Cost data are available but there are not enough primary studies or effectiveness reviews to provide a reliable cost-effectiveness rating at this point. The primary studies that measured the cost-effectiveness of Housing First generally demonstrated durable and consistent cost-effectiveness compared to alternative programmes. One study described how the cost of controls in alternative housing programmes averaged $2449 (USD) per person per month more than the entire costs incurred by the Housing First participants. However, a systematic review including 34 studies demonstrated inconclusive results on the cost-effectiveness of Housing First. Both shelter and emergency department costs decreased with Housing First, but the impact on hospitalisation and justice costs were less certain. The review also revealed that although studies using a pre-post design reported a net decrease in overall costs with Housing First, experimental studies reported a net increase in overall costs associated with Housing First.

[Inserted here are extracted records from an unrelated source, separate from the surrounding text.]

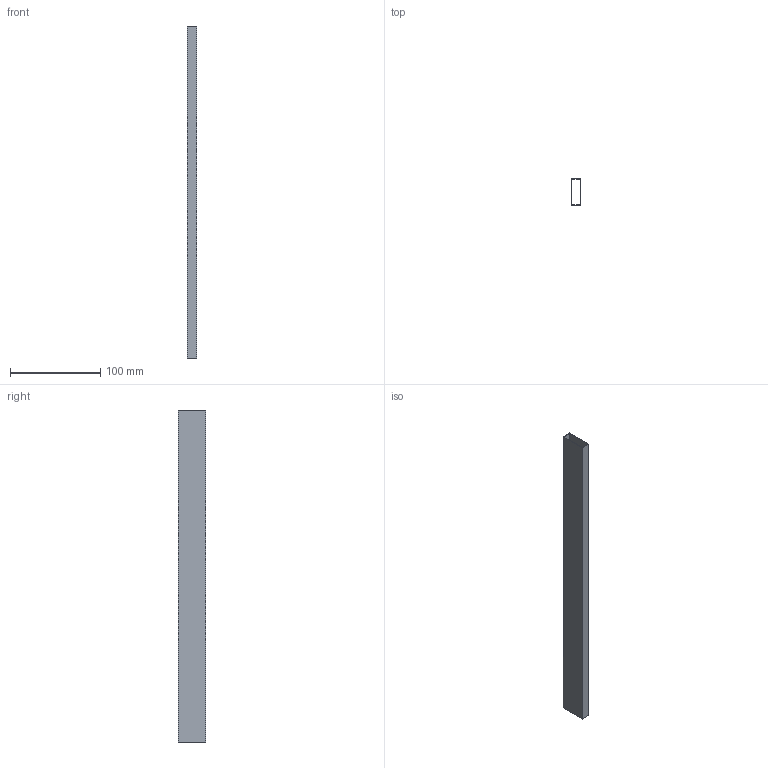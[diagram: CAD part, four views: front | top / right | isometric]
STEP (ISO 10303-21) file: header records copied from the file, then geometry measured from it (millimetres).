
FILE_DESCRIPTION (( 'STEP AP214' ), '1' );
FILE_NAME ('_DWD XP Rechteckreling NL400.step', '2010-07-14T13:27:52', ( 'grass' ), ( '' ), 'SwSTEP 2.0', 'SolidWorks 2010', '' );
FILE_SCHEMA (( 'AUTOMOTIVE_DESIGN' ));
Length unit declared in the file: millimetre
Products named in the file (1): _DWD XP Rechteckreling NL400
Bounding box: 10.5 x 30 x 367.1 mm (x, y, z)
Volume: 17312.4 mm3; surface area: 57802.4 mm2
Topology: 1 solids, 1 shells, 10 faces, 24 edges, 16 vertices
Faces by surface type: plane 10
Entity records: 326 total; most frequent: CARTESIAN_POINT 51, ORIENTED_EDGE 48, DIRECTION 46, LINE 24, VECTOR 24, EDGE_CURVE 24, VERTEX_POINT 16, EDGE_LOOP 12

If you are implementing a Housing First programme, ensure your team have practical, problem-solving and people skills and sufficient time to make a connection with each service user and maintain engagement. They also need to be able to build and maintain links with other organisations to ensure that service users benefit from intensive, multi-agency support.
Staff should ensure that individual service users understand the ethos of Housing First, primarily that it offers unconditional, long-term support. Service users also need to have realistic expectations about what the programme can offer, particularly in terms of housing. Encourage staff to discuss the quality and location of potential housing with service users.
Access to suitable and affordable housing can be a major barrier. Many private landlords will initially be reluctant to rent to service users but some can be persuaded; compare different approaches and evaluate what works. Explore a range of move-on accommodation options and plan ahead to facilitate availability of suitable housing.
Develop your team’s relationship building skills to help them form closer bonds with landlords and estate agents and can help to ensure a good supply of housing stock. At the same time, ensure that their time is appropriately balanced between liaising with housing providers and their primary role as support providers.
Staff should consider carefully the location of the housing being offered and whether the type meets the service user’s preferences and needs. Scattered-site housing is more popular than congregate accommodation, but it can mean that service users are living far from the project and at risk of becoming more isolated.